The title to this post is the same as one of my short columns in the September Premium Newsletter, which went out yesterday. It was the search issue.
Since there have been updates in the last several hours, I wanted to follow up with a couple of thoughts on new developments. A testament to how rapidly technology changes - or at least information about what we think we know.
Google+ search
Do you have it yet? You will know if you do by looking at what is written on the search bar up top. As I just predicted 24 hours ago for newsletter readers, the integration of share and search data produces some interesting results.
You will see them labeled "best of" instead of "most recent".
This puts more information at your disposal. And I would venture an educated guess that businesses will make use of it just as soon as they can launch accounts officially.
Also, if you have not heard. Google+ is now open to everyone.
Social data targeting
There is another company that is quietly doing some work with social data.

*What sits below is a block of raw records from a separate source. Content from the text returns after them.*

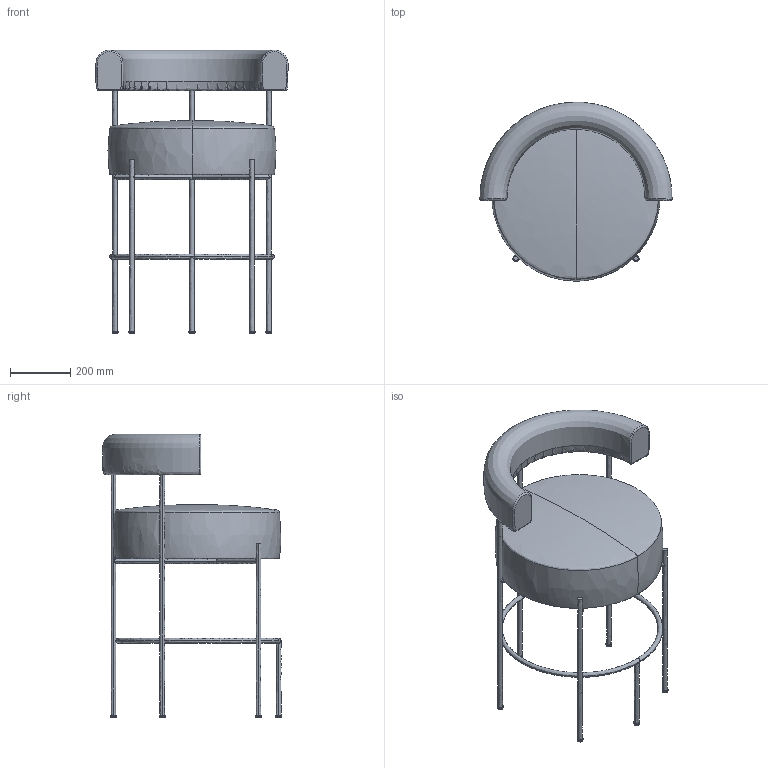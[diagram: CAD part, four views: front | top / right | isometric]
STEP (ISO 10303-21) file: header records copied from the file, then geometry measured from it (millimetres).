
FILE_DESCRIPTION(/* description */ (''),/* implementation_level */ '2;1');
FILE_NAME(/* name */ 'kinoshita_abord_s007s',/* time_stamp */ '2024-07-12T18:21:50+09:00',/* author */ (''),/* organization */ (''),/* preprocessor_version */ 'ST-DEVELOPER v16.5',/* originating_system */ '',/* authorisation */ '');
FILE_SCHEMA (('AUTOMOTIVE_DESIGN'));
Length unit declared in the file: millimetre
Products named in the file (1): Document
Bounding box: 639.97 x 597.03 x 945 mm (x, y, z)
Volume: 51686150.9 mm3; surface area: 1590283.1 mm2
Topology: 3 solids, 3 shells, 128 faces, 299 edges, 173 vertices
Faces by surface type: bspline 106, plane 22
Entity records: 8994 total; most frequent: CARTESIAN_POINT 7379, ORIENTED_EDGE 590, EDGE_CURVE 295, VERTEX_POINT 173, EDGE_LOOP 143, ADVANCED_FACE 128, FACE_OUTER_BOUND 128, B_SPLINE_CURVE_WITH_KNOTS 46
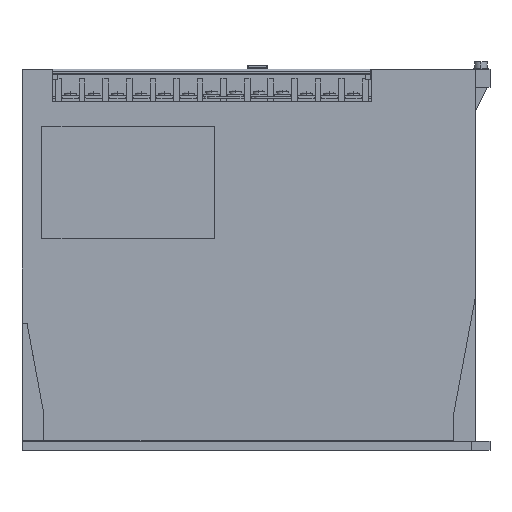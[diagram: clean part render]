
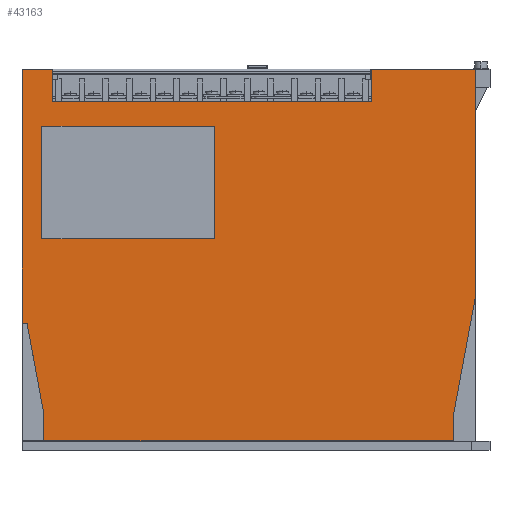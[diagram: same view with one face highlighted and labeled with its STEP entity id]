
A CAD part, left-side view. The second image highlights one B-rep face of the part: STEP entity #43163.
In plain terms, the highlighted planar face has unit normal (-1, 0, 0).
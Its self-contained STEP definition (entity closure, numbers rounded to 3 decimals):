
#1373=DIRECTION('',(0.,0.,1.));
#1374=VECTOR('',#1373,125.);
#1375=CARTESIAN_POINT('',(0.,0.,85.));
#1376=LINE('',#1375,#1374);
#1417=DIRECTION('',(0.,1.,0.));
#1418=VECTOR('',#1417,57.4);
#1419=CARTESIAN_POINT('',(0.,0.,210.));
#1420=LINE('',#1419,#1418);
#1425=DIRECTION('',(0.,1.,0.));
#1426=VECTOR('',#1425,16.7);
#1427=CARTESIAN_POINT('',(0.,233.3,210.));
#1428=LINE('',#1427,#1426);
#5065=DIRECTION('',(0.,0.,-1.));
#5066=VECTOR('',#5065,140.);
#5067=CARTESIAN_POINT('',(0.,250.,210.));
#5068=LINE('',#5067,#5066);
#5097=DIRECTION('',(0.,-1.,0.));
#5098=VECTOR('',#5097,226.);
#5099=CARTESIAN_POINT('',(0.,238.,5.1));
#5100=LINE('',#5099,#5098);
#6429=DIRECTION('',(0.,0.,1.));
#6430=VECTOR('',#6429,14.9);
#6431=CARTESIAN_POINT('',(0.,238.,5.1));
#6432=LINE('',#6431,#6430);
#6433=DIRECTION('',(0.,0.182,0.983));
#6434=VECTOR('',#6433,50.746);
#6435=CARTESIAN_POINT('',(0.,238.,20.));
#6436=LINE('',#6435,#6434);
#6437=DIRECTION('',(0.,0.999,0.035));
#6438=VECTOR('',#6437,2.789);
#6439=CARTESIAN_POINT('',(0.,247.213,69.903));
#6440=LINE('',#6439,#6438);
#6441=DIRECTION('',(0.,-1.,0.));
#6442=VECTOR('',#6441,175.9);
#6443=CARTESIAN_POINT('',(0.,233.3,192.157));
#6444=LINE('',#6443,#6442);
#6445=DIRECTION('',(0.,0.,1.));
#6446=VECTOR('',#6445,17.843);
#6447=CARTESIAN_POINT('',(0.,57.4,192.157));
#6448=LINE('',#6447,#6446);
#6449=DIRECTION('',(0.,0.182,-0.983));
#6450=VECTOR('',#6449,66.098);
#6451=CARTESIAN_POINT('',(0.,0.,85.));
#6452=LINE('',#6451,#6450);
#6453=DIRECTION('',(0.,0.,-1.));
#6454=VECTOR('',#6453,14.9);
#6455=CARTESIAN_POINT('',(0.,12.,20.));
#6456=LINE('',#6455,#6454);
#6457=DIRECTION('',(0.,-1.,0.));
#6458=VECTOR('',#6457,95.);
#6459=CARTESIAN_POINT('',(0.,239.,116.5));
#6460=LINE('',#6459,#6458);
#6508=DIRECTION('',(0.,0.,1.));
#6509=VECTOR('',#6508,17.843);
#6510=CARTESIAN_POINT('',(0.,233.3,192.157));
#6511=LINE('',#6510,#6509);
#13551=DIRECTION('',(0.,0.,1.));
#13552=VECTOR('',#13551,62.);
#13553=CARTESIAN_POINT('',(0.,239.,116.5));
#13554=LINE('',#13553,#13552);
#13559=DIRECTION('',(0.,-1.,0.));
#13560=VECTOR('',#13559,95.);
#13561=CARTESIAN_POINT('',(0.,239.,178.5));
#13562=LINE('',#13561,#13560);
#13567=DIRECTION('',(0.,0.,-1.));
#13568=VECTOR('',#13567,62.);
#13569=CARTESIAN_POINT('',(0.,144.,178.5));
#13570=LINE('',#13569,#13568);
#24996=CARTESIAN_POINT('',(0.,0.,85.));
#24997=VERTEX_POINT('',#24996);
#24998=CARTESIAN_POINT('',(0.,0.,210.));
#24999=VERTEX_POINT('',#24998);
#25061=CARTESIAN_POINT('',(0.,57.4,210.));
#25062=VERTEX_POINT('',#25061);
#25067=CARTESIAN_POINT('',(0.,233.3,210.));
#25068=VERTEX_POINT('',#25067);
#25069=CARTESIAN_POINT('',(0.,250.,210.));
#25070=VERTEX_POINT('',#25069);
#25171=CARTESIAN_POINT('',(0.,250.,70.));
#25172=VERTEX_POINT('',#25171);
#25183=CARTESIAN_POINT('',(0.,238.,5.1));
#25184=VERTEX_POINT('',#25183);
#25185=CARTESIAN_POINT('',(0.,238.,20.));
#25186=VERTEX_POINT('',#25185);
#25193=CARTESIAN_POINT('',(0.,12.,5.1));
#25194=VERTEX_POINT('',#25193);
#25572=CARTESIAN_POINT('',(0.,12.,20.));
#25573=VERTEX_POINT('',#25572);
#25592=CARTESIAN_POINT('',(0.,247.213,69.903));
#25593=VERTEX_POINT('',#25592);
#25594=CARTESIAN_POINT('',(0.,233.3,192.157));
#25595=VERTEX_POINT('',#25594);
#25596=CARTESIAN_POINT('',(0.,57.4,192.157));
#25597=VERTEX_POINT('',#25596);
#25598=CARTESIAN_POINT('',(0.,239.,116.5));
#25599=CARTESIAN_POINT('',(0.,144.,116.5));
#25600=VERTEX_POINT('',#25598);
#25601=VERTEX_POINT('',#25599);
#25602=CARTESIAN_POINT('',(0.,144.,178.5));
#25603=VERTEX_POINT('',#25602);
#25604=CARTESIAN_POINT('',(0.,239.,178.5));
#25605=VERTEX_POINT('',#25604);
#43127=CARTESIAN_POINT('',(0.,250.,0.));
#43128=DIRECTION('',(-1.,0.,0.));
#43129=DIRECTION('',(0.,-1.,0.));
#43130=AXIS2_PLACEMENT_3D('',#43127,#43128,#43129);
#43131=PLANE('',#43130);
#43132=ORIENTED_EDGE('',*,*,#40740,.F.);
#43133=ORIENTED_EDGE('',*,*,#40716,.T.);
#43135=ORIENTED_EDGE('',*,*,#43134,.T.);
#43137=ORIENTED_EDGE('',*,*,#43136,.T.);
#43138=ORIENTED_EDGE('',*,*,#40664,.F.);
#43139=ORIENTED_EDGE('',*,*,#33194,.F.);
#43141=ORIENTED_EDGE('',*,*,#43140,.F.);
#43143=ORIENTED_EDGE('',*,*,#43142,.T.);
#43145=ORIENTED_EDGE('',*,*,#43144,.T.);
#43146=ORIENTED_EDGE('',*,*,#33186,.F.);
#43147=ORIENTED_EDGE('',*,*,#33074,.F.);
#43149=ORIENTED_EDGE('',*,*,#43148,.T.);
#43150=ORIENTED_EDGE('',*,*,#43092,.T.);
#43151=EDGE_LOOP('',(#43132,#43133,#43135,#43137,#43138,#43139,#43141,#43143,
#43145,#43146,#43147,#43149,#43150));
#43152=FACE_OUTER_BOUND('',#43151,.F.);
#43154=ORIENTED_EDGE('',*,*,#43153,.T.);
#43156=ORIENTED_EDGE('',*,*,#43155,.F.);
#43158=ORIENTED_EDGE('',*,*,#43157,.F.);
#43160=ORIENTED_EDGE('',*,*,#43159,.F.);
#43161=EDGE_LOOP('',(#43154,#43156,#43158,#43160));
#43162=FACE_BOUND('',#43161,.F.);
#33074=EDGE_CURVE('',#24997,#24999,#1376,.T.);
#33186=EDGE_CURVE('',#24999,#25062,#1420,.T.);
#33194=EDGE_CURVE('',#25068,#25070,#1428,.T.);
#40664=EDGE_CURVE('',#25070,#25172,#5068,.T.);
#40716=EDGE_CURVE('',#25184,#25186,#6432,.T.);
#40740=EDGE_CURVE('',#25184,#25194,#5100,.T.);
#43092=EDGE_CURVE('',#25573,#25194,#6456,.T.);
#43134=EDGE_CURVE('',#25186,#25593,#6436,.T.);
#43136=EDGE_CURVE('',#25593,#25172,#6440,.T.);
#43140=EDGE_CURVE('',#25595,#25068,#6511,.T.);
#43142=EDGE_CURVE('',#25595,#25597,#6444,.T.);
#43144=EDGE_CURVE('',#25597,#25062,#6448,.T.);
#43148=EDGE_CURVE('',#24997,#25573,#6452,.T.);
#43153=EDGE_CURVE('',#25600,#25601,#6460,.T.);
#43155=EDGE_CURVE('',#25603,#25601,#13570,.T.);
#43157=EDGE_CURVE('',#25605,#25603,#13562,.T.);
#43159=EDGE_CURVE('',#25600,#25605,#13554,.T.);
#43163=ADVANCED_FACE('',(#43152,#43162),#43131,.T.);
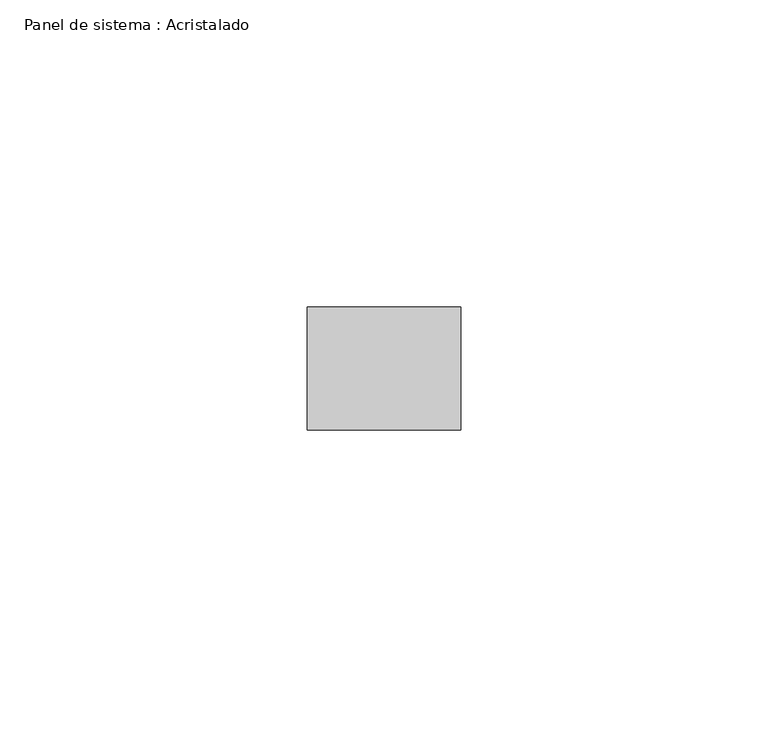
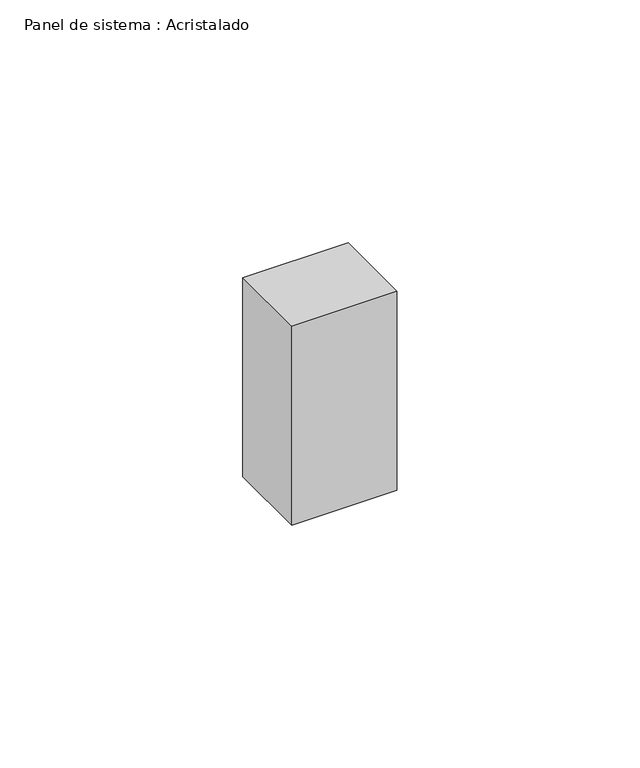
"""IFC4 building model written with IfcOpenShell, lengths in millimetres: plate geometry, Panel de sistema : Acristalado."""

from ifc_helpers import new_model, si_unit, origin, origin_with_axes, place, context, project, spatial, polyline, outline, extrude, source, transform, mapped, element, save


def panel_de_sistema_acristalado_217a9de0(model_context):
    return source(origin(), model_context, "Body", "SweptSolid", [
        extrude(outline(polyline([(12.5, -10.0), (-12.5, -10.0), (-12.5, 10.0), (12.5, 10.0), (12.5, -10.0)])), origin_with_axes(), (0.0, 0.0, 1.0), 50.0),
    ])


if __name__ == "__main__":
    model = new_model("IFC4")
    model_context = context("Model", 3, world=origin())
    ifc_project = project(units=[si_unit("LENGTHUNIT", "METRE", prefix="MILLI")], contexts=[model_context])
    site = spatial("IfcSite", under=ifc_project)
    building = spatial("IfcBuilding", under=site)
    placement = place(None, origin())
    panel_de_sistema_acristalado_shape = panel_de_sistema_acristalado_217a9de0(model_context)
    element("IfcPlate", 1, ObjectType="Panel de sistema : Acristalado", at=placement, inside=building, context=model_context, shape_type="MappedRepresentation", body=[
        mapped(panel_de_sistema_acristalado_shape, transform((0.0, 0.0, 0.0), x_axis=(1.0, 0.0, 0.0), y_axis=(0.0, 1.0, 0.0), z_axis=(0.0, 0.0, 1.0))),
    ])
    save(model, "model.ifc")

Last week, Walmart acquired a company that provides mobile ad targeting technology One Riot, to integrate to Walmart Labs, the old Kosmix.
Here's how OneRiot describes its social targeting engine for mobile ads, through a Twitter ID (slight editing):
Based on public social data that we license via our friends at Gnip, we’ve generated user interest maps for just north of 75MM active Twitter users.
This number gets bigger every day as we suck in more Tweets from the licensed hose. Meanwhile, our demographic coverage is 80% accurate for about 80% of the Twitter population.
These stats improve with every new release (approx every 3 weeks).
How to do we determine this information? We start at two points. The first is to create language models that breakdown how users tweet. The second is to study follow-graphs that reveal who users are influenced by.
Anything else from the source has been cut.